Here’s the gist: If the SHS deems it is against the “public interest” or if it would constitute a family hardship, and the person has not committed one of a few crimes referenced, but has committed some other crime or crimes, the Secretary can make an exception to the provisions dealing with deportation and admission.

That’s TWO…count ‘em…TWO disjuncts. Satisfaction of either would be sufficient to trigger the discretionary power. 

That means it is possible, according to this text, that there could be an illegal..er..undocumented person who has committed some crime, and has no family connections that would constitute hardships, and he or she would be allowed in, or allowed to stay, whatever the case may be.
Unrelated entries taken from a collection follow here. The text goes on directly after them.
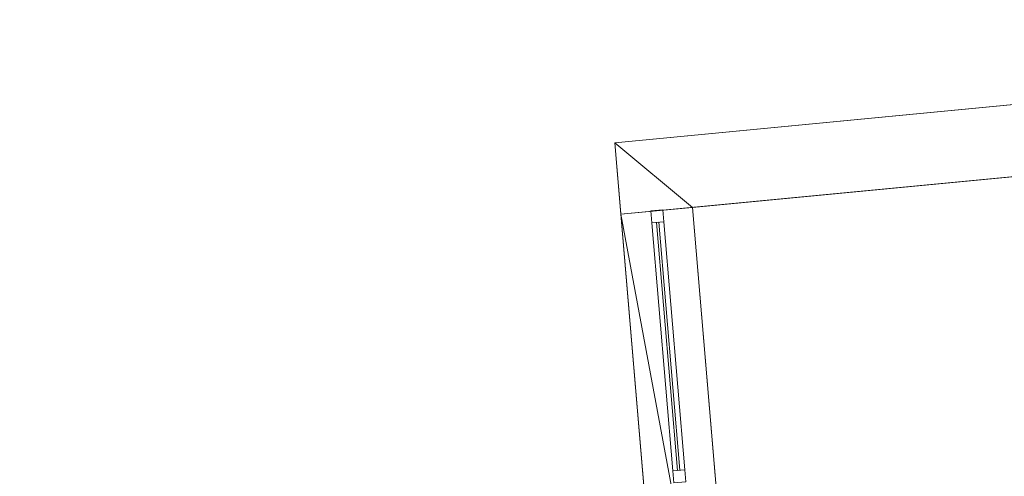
# Model space of a CAD drawing. Header units: millimetres. Extents: x -430348 to -225823, y -86243 to 5084.
# Tile 312 of 656: x -429945 to -425841, y -15038 to -13132. Entities that reach past the tile are written whole.
import ezdxf

# ---------------------------------------------------------------- set-up
doc = ezdxf.new("R2010")
doc.units = ezdxf.units.MM
for name, color, linetype, lineweight in [('A-GLAZ-CURT', 52, 'Continuous', 9), ('A-GLAZ-CWMG', 51, 'Continuous', 9), ('A-ROOF', 132, 'Continuous', 9), ('A-WALL', 113, 'Continuous', 9)]:
    doc.layers.add(name, color=color, linetype=linetype, lineweight=lineweight)

# ---------------------------------------------------------------- blocks, each defined once
blk = doc.blocks.new('System Panel - Door-497996-_3D_ Copy 1')
at = {"layer": 'A-GLAZ-CURT'}
mesh = blk.add_polyface(dxfattribs=at)
corners = [(-519.3, 5), (-519.3, 5, 2064), (519.3, 5, 2064), (519.3, 5)]
mesh.append_faces([[corners[k] for k in face] for face in [(1, 2, 3, 0)]])
mesh = blk.add_polyface(dxfattribs=at)
corners = [(519.3, -5), (-519.3, -5), (-519.3, 5), (519.3, 5)]
mesh.append_faces([[corners[k] for k in face] for face in [(0, 1, 2, 3)]])
mesh = blk.add_polyface(dxfattribs=at)
corners = [(-519.3, -5, 2064), (519.3, -5, 2064), (519.3, 5, 2064), (-519.3, 5, 2064)]
mesh.append_faces([[corners[k] for k in face] for face in [(0, 1, 2, 3)]])
mesh = blk.add_polyface(dxfattribs=at)
corners = [(-519.3, -5), (-519.3, -5, 2064), (-519.3, 5, 2064), (-519.3, 5)]
mesh.append_faces([[corners[k] for k in face] for face in [(0, 1, 2, 3)]])
mesh = blk.add_polyface(dxfattribs=at)
corners = [(519.3, -5, 2064), (519.3, -5), (519.3, 5), (519.3, 5, 2064)]
mesh.append_faces([[corners[k] for k in face] for face in [(0, 1, 2, 3)]])
mesh = blk.add_polyface(dxfattribs=at)
corners = [(-519.3, -5), (519.3, -5), (519.3, -5, 2064), (-519.3, -5, 2064)]
mesh.append_faces([[corners[k] for k in face] for face in [(2, 3, 0, 1)]])
blk = doc.blocks.new('Rectangular Mullion - 50mm x 50mm-497997-_3D_ Copy 1')
at = {"layer": 'A-GLAZ-CWMG'}
mesh = blk.add_polyface(dxfattribs=at)
corners = [(0, 25), (-50, 25), (-50, -25), (0, -25)]
mesh.append_faces([[corners[k] for k in face] for face in [(2, 3, 0, 1)]])
mesh = blk.add_polyface(dxfattribs=at)
corners = [(0, 25, -2164), (0, -25, -2164), (-50, -25, -2164), (-50, 25, -2164)]
mesh.append_faces([[corners[k] for k in face] for face in [(0, 1, 2, 3)]])
mesh = blk.add_polyface(dxfattribs=at)
corners = [(-50, 25), (0, 25), (0, 25, -2164), (-50, 25, -2164)]
mesh.append_faces([[corners[k] for k in face] for face in [(3, 0, 1, 2)]])
mesh = blk.add_polyface(dxfattribs=at)
corners = [(-50, -25), (-50, 25), (-50, 25, -2164), (-50, -25, -2164)]
mesh.append_faces([[corners[k] for k in face] for face in [(3, 0, 1, 2)]])
mesh = blk.add_polyface(dxfattribs=at)
corners = [(0, 25), (0, -25), (0, -25, -2164), (0, 25, -2164)]
mesh.append_faces([[corners[k] for k in face] for face in [(3, 0, 1, 2)]])
mesh = blk.add_polyface(dxfattribs=at)
corners = [(0, -25), (-50, -25), (-50, -25, -2164), (0, -25, -2164)]
mesh.append_faces([[corners[k] for k in face] for face in [(3, 0, 1, 2)]])
blk = doc.blocks.new('Rectangular Mullion - 50mm x 50mm-497994-_3D_ Copy 1')
at = {"layer": 'A-GLAZ-CWMG'}
mesh = blk.add_polyface(dxfattribs=at)
corners = [(0, 25), (-50, 25), (-50, -25), (0, -25)]
mesh.append_faces([[corners[k] for k in face] for face in [(2, 3, 0, 1)]])
mesh = blk.add_polyface(dxfattribs=at)
corners = [(0, 25, -1038.6), (0, -25, -1038.6), (-50, -25, -1038.6), (-50, 25, -1038.6)]
mesh.append_faces([[corners[k] for k in face] for face in [(0, 1, 2, 3)]])
mesh = blk.add_polyface(dxfattribs=at)
corners = [(-50, 25), (0, 25), (0, 25, -1038.6), (-50, 25, -1038.6)]
mesh.append_faces([[corners[k] for k in face] for face in [(3, 0, 1, 2)]])
mesh = blk.add_polyface(dxfattribs=at)
corners = [(-50, -25), (-50, 25), (-50, 25, -1038.6), (-50, -25, -1038.6)]
mesh.append_faces([[corners[k] for k in face] for face in [(3, 0, 1, 2)]])
mesh = blk.add_polyface(dxfattribs=at)
corners = [(0, 25), (0, -25), (0, -25, -1038.6), (0, 25, -1038.6)]
mesh.append_faces([[corners[k] for k in face] for face in [(3, 0, 1, 2)]])
mesh = blk.add_polyface(dxfattribs=at)
corners = [(0, -25), (-50, -25), (-50, -25, -1038.6), (0, -25, -1038.6)]
mesh.append_faces([[corners[k] for k in face] for face in [(3, 0, 1, 2)]])
blk = doc.blocks.new('Rectangular Mullion - 50mm x 50mm-497993-_3D_ Copy 1')
at = {"layer": 'A-GLAZ-CWMG'}
mesh = blk.add_polyface(dxfattribs=at)
corners = [(0, 25), (-50, 25), (-50, -25), (0, -25)]
mesh.append_faces([[corners[k] for k in face] for face in [(2, 3, 0, 1)]])
mesh = blk.add_polyface(dxfattribs=at)
corners = [(0, 25, -1038.6), (0, -25, -1038.6), (-50, -25, -1038.6), (-50, 25, -1038.6)]
mesh.append_faces([[corners[k] for k in face] for face in [(0, 1, 2, 3)]])
mesh = blk.add_polyface(dxfattribs=at)
corners = [(-50, 25), (0, 25), (0, 25, -1038.6), (-50, 25, -1038.6)]
mesh.append_faces([[corners[k] for k in face] for face in [(3, 0, 1, 2)]])
mesh = blk.add_polyface(dxfattribs=at)
corners = [(-50, -25), (-50, 25), (-50, 25, -1038.6), (-50, -25, -1038.6)]
mesh.append_faces([[corners[k] for k in face] for face in [(3, 0, 1, 2)]])
mesh = blk.add_polyface(dxfattribs=at)
corners = [(0, 25), (0, -25), (0, -25, -1038.6), (0, 25, -1038.6)]
mesh.append_faces([[corners[k] for k in face] for face in [(3, 0, 1, 2)]])
mesh = blk.add_polyface(dxfattribs=at)
corners = [(0, -25), (-50, -25), (-50, -25, -1038.6), (0, -25, -1038.6)]
mesh.append_faces([[corners[k] for k in face] for face in [(3, 0, 1, 2)]])
blk = doc.blocks.new('Rectangular Mullion - 50mm x 50mm-497995-_3D_ Copy 1')
at = {"layer": 'A-GLAZ-CWMG'}
mesh = blk.add_polyface(dxfattribs=at)
corners = [(25, 25), (-25, 25), (-25, -25), (25, -25)]
mesh.append_faces([[corners[k] for k in face] for face in [(2, 3, 0, 1)]])
mesh = blk.add_polyface(dxfattribs=at)
corners = [(25, 25, -2164), (25, -25, -2164), (-25, -25, -2164), (-25, 25, -2164)]
mesh.append_faces([[corners[k] for k in face] for face in [(0, 1, 2, 3)]])
mesh = blk.add_polyface(dxfattribs=at)
corners = [(-25, 25), (25, 25), (25, 25, -2164), (-25, 25, -2164)]
mesh.append_faces([[corners[k] for k in face] for face in [(3, 0, 1, 2)]])
mesh = blk.add_polyface(dxfattribs=at)
corners = [(-25, -25), (-25, 25), (-25, 25, -2164), (-25, -25, -2164)]
mesh.append_faces([[corners[k] for k in face] for face in [(3, 0, 1, 2)]])
mesh = blk.add_polyface(dxfattribs=at)
corners = [(25, 25), (25, -25), (25, -25, -2164), (25, 25, -2164)]
mesh.append_faces([[corners[k] for k in face] for face in [(3, 0, 1, 2)]])
mesh = blk.add_polyface(dxfattribs=at)
corners = [(25, -25), (-25, -25), (-25, -25, -2164), (25, -25, -2164)]
mesh.append_faces([[corners[k] for k in face] for face in [(3, 0, 1, 2)]])

msp = doc.modelspace()

# ---------------------------------------------------------------- block references
at = {"layer": 'A-GLAZ-CURT', "rotation": 274.8316138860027}
msp.add_blockref('System Panel - Door-497996-_3D_ Copy 1', (-427241.5, -14495.8, 58481), dxfattribs=at)
at = {"layer": 'A-GLAZ-CWMG', "rotation": 94.83161388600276}
msp.add_blockref('Rectangular Mullion - 50mm x 50mm-497997-_3D_ Copy 1', (-427289.5, -13928.5, 60595), dxfattribs=at)
at = {"layer": 'A-GLAZ-CWMG', "extrusion": (-0.084228, 0.996447, 0), "rotation": 270}
msp.add_blockref('Rectangular Mullion - 50mm x 50mm-497994-_3D_ Copy 1', (426944.3, 58431, 22060.6), dxfattribs=at)
at = {"layer": 'A-GLAZ-CWMG', "extrusion": (0.084228, -0.996447, 0), "rotation": 90}
msp.add_blockref('Rectangular Mullion - 50mm x 50mm-497993-_3D_ Copy 1', (-426944.3, 60595, -21022), dxfattribs=at)
at = {"layer": 'A-GLAZ-CWMG', "extrusion": (0, 0, -1), "rotation": 265.1683861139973}
msp.add_blockref('Rectangular Mullion - 50mm x 50mm-497995-_3D_ Copy 1', (427195.7, -15038.2, -58431), dxfattribs=at)

# ---------------------------------------------------------------- meshes
at = {"layer": 'A-ROOF'}
mesh = msp.add_polyface(dxfattribs=at)
corners = [(-428286.1, -7238.2, 61188.9), (-422900.9, -10188.7, 61188.9), (-424553.8, -13205.5, 61188.9), (-429945.1, -10251.7, 61188.9)]
mesh.append_faces([[corners[k] for k in face] for face in [(2, 3, 0, 1)]])
mesh = msp.add_polyface(dxfattribs=at)
corners = [(-422900.9, -10188.7, 61288.9), (-428286.1, -7238.2, 61288.9), (-429945.1, -10251.7, 61288.9), (-424553.8, -13205.5, 61288.9)]
mesh.append_faces([[corners[k] for k in face] for face in [(1, 2, 3, 0)]])
mesh = msp.add_polyface(dxfattribs=at)
corners = [(-424553.8, -13205.5, 61288.9), (-429945.1, -10251.7, 61288.9), (-429945.1, -10251.7, 61188.9), (-424553.8, -13205.5, 61188.9)]
mesh.append_faces([[corners[k] for k in face] for face in [(0, 1, 2, 3)]])
mesh = msp.add_polyface(dxfattribs=at)
corners = [(-427463.9, -13645.6, 60695), (-422131.5, -13133.1, 60695), (-422131.5, -13133.1, 60595), (-427463.9, -13645.6, 60595)]
mesh.append_faces([[corners[k] for k in face] for face in [(0, 1, 2, 3)]])
mesh = msp.add_polyface(dxfattribs=at)
corners = [(-422131.5, -13133.1, 60595), (-421866.1, -15990.5, 60595), (-427226.1, -16459.4, 60595), (-427463.9, -13645.6, 60595)]
mesh.append_faces([[corners[k] for k in face] for face in [(1, 2, 3, 0)]])
mesh = msp.add_polyface(dxfattribs=at)
corners = [(-421866.1, -15990.5, 60695), (-422131.5, -13133.1, 60695), (-427463.9, -13645.6, 60695), (-427226.1, -16459.4, 60695)]
mesh.append_faces([[corners[k] for k in face] for face in [(2, 3, 0, 1)]])
mesh = msp.add_polyface(dxfattribs=at)
corners = [(-427226.1, -16459.4, 60695), (-427463.9, -13645.6, 60695), (-427463.9, -13645.6, 60595), (-427226.1, -16459.4, 60595)]
mesh.append_faces([[corners[k] for k in face] for face in [(1, 2, 3, 0)]])
at = {"layer": 'A-WALL'}
mesh = msp.add_polyface(dxfattribs=at)
corners = [(-422430.2, -13161.8, 56190.2), (-427463.9, -13645.6, 56190.2), (-427463.9, -13645.6, 60595), (-422430.2, -13161.8, 60595)]
mesh.append_faces([[corners[k] for k in face] for face in [(3, 0, 1, 2)]])
mesh = msp.add_polyface(dxfattribs=at)
corners = [(-427463.9, -13645.6, 56190.2), (-422430.2, -13161.8, 56190.2), (-422402.4, -13460.5, 56190.2), (-427140, -13915.8, 56190.2), (-427438.7, -13944.5, 56190.2)]
mesh.append_faces([[corners[k] for k in face] for face in [(3, 0, 1, 2)]], dxfattribs={"vtx0": -1})
mesh.append_faces([[corners[k] for k in face] for face in [(3, 4, 0)]], dxfattribs={"vtx2": -1})
mesh = msp.add_polyface(dxfattribs=at)
corners = [(-422430.2, -13161.8, 60595), (-427463.9, -13645.6, 60595), (-427438.7, -13944.5, 60595), (-422402.4, -13460.5, 60595)]
mesh.append_faces([[corners[k] for k in face] for face in [(1, 2, 3, 0)]])
mesh = msp.add_polyface(dxfattribs=at)
corners = [(-422402.4, -13460.5, 56190.2), (-422402.4, -13460.5, 60595), (-427438.7, -13944.5, 60595), (-427438.7, -13944.5, 58431), (-427438.7, -13944.5, 56190.2), (-427140, -13915.8, 56190.2)]
mesh.append_faces([[corners[k] for k in face] for face in [(1, 2, 3, 0)]], dxfattribs={"vtx2": -1})
mesh.append_faces([[corners[k] for k in face] for face in [(3, 4, 5, 0)]], dxfattribs={"vtx3": -1})
mesh = msp.add_polyface(dxfattribs=at)
corners = [(-427463.9, -13645.6, 60595), (-427463.9, -13645.6, 56190.2), (-427438.7, -13944.5, 56190.2), (-427438.7, -13944.5, 58431), (-427438.7, -13944.5, 60595)]
mesh.append_faces([[corners[k] for k in face] for face in [(3, 0, 1, 2)]], dxfattribs={"vtx0": -1})
mesh.append_faces([[corners[k] for k in face] for face in [(3, 4, 0)]], dxfattribs={"vtx2": -1})
mesh = msp.add_polyface(dxfattribs=at)
corners = [(-427226.1, -16459.4, 56190.2), (-427438.7, -13944.5, 56190.2), (-427140, -13915.8, 56190.2), (-426927.2, -16433.3, 56190.2), (-426976.9, -16437.6, 56190.2)]
mesh.append_faces([[corners[k] for k in face] for face in [(0, 1, 4)]], dxfattribs={"vtx1": -1})
mesh.append_faces([[corners[k] for k in face] for face in [(2, 3, 4, 1)]], dxfattribs={"vtx2": -1})
mesh = msp.add_polyface(dxfattribs=at)
corners = [(-427140, -13915.8, 56190.2), (-427438.7, -13944.5, 56190.2), (-427438.7, -13944.5, 58431), (-427140, -13915.8, 58431)]
mesh.append_faces([[corners[k] for k in face] for face in [(1, 2, 3, 0)]])
mesh = msp.add_polyface(dxfattribs=at)
corners = [(-427251.4, -16160.5, 58431), (-426952.4, -16135.2, 58431), (-427140, -13915.8, 58431), (-427438.7, -13944.5, 58431)]
mesh.append_faces([[corners[k] for k in face] for face in [(1, 2, 3, 0)]])
mesh = msp.add_polyface(dxfattribs=at)
corners = [(-427438.7, -13944.5, 56190.2), (-427226.1, -16459.4, 56190.2), (-427226.1, -16459.4, 60595), (-427251.4, -16160.5, 60595), (-427251.4, -16160.5, 58431), (-427438.7, -13944.5, 58431)]
mesh.append_faces([[corners[k] for k in face] for face in [(2, 3, 4, 1)]], dxfattribs={"vtx2": -1})
mesh.append_faces([[corners[k] for k in face] for face in [(4, 5, 0, 1)]], dxfattribs={"vtx3": -1})
mesh = msp.add_polyface(dxfattribs=at)
corners = [(-426927.2, -16433.3, 56190.2), (-427140, -13915.8, 56190.2), (-427140, -13915.8, 58431), (-426952.4, -16135.2, 58431), (-426952.4, -16135.2, 60595), (-426927.2, -16433.3, 60595)]
mesh.append_faces([[corners[k] for k in face] for face in [(1, 2, 3, 0)]], dxfattribs={"vtx2": -1})
mesh.append_faces([[corners[k] for k in face] for face in [(3, 4, 5, 0)]], dxfattribs={"vtx3": -1})

doc.saveas('drawing.dxf')

This would be OK according to the statute just so long as the SHS found the deportation or admission to be “against the public interest” whatever the hell that is supposed to mean.

So, getting back to the point: this sort of legerdemain allows legislators to say that are not doing X while actually doing something very much like X. In this instance, legislators can say that they are not granting legal status to criminals when in fact, they are.  Without the crowd-sourcing of the blogosphere, twittersphere, & etc.. this provision might have never seen the light of day, it having been safely tucked away on page 1231. 

What is more, with the extremely short time-line being forced by the process, it is extremely unlikely that any one individual involved in the legislative process, let alone the Chief Executive of the United States, would have the time to read such lengthy bills before approving or disapproving them.

Sadly, this is becoming a norm for our Congress. They see nothing wrong with voting on such behemoth bills, written by scores of underlings, largely unread by the reps and President and adopting a ‘wait and see’ attitude toward the actual content (and consequences) of the bill.

If this indeed is now a linguistically accepted meaning of the word approval, it does not follow that it should be accepted in the moral sense of that term when it comes to 'matters of public interest'. 

What a load of old cobblers.


                                                       The Bill is too damn long!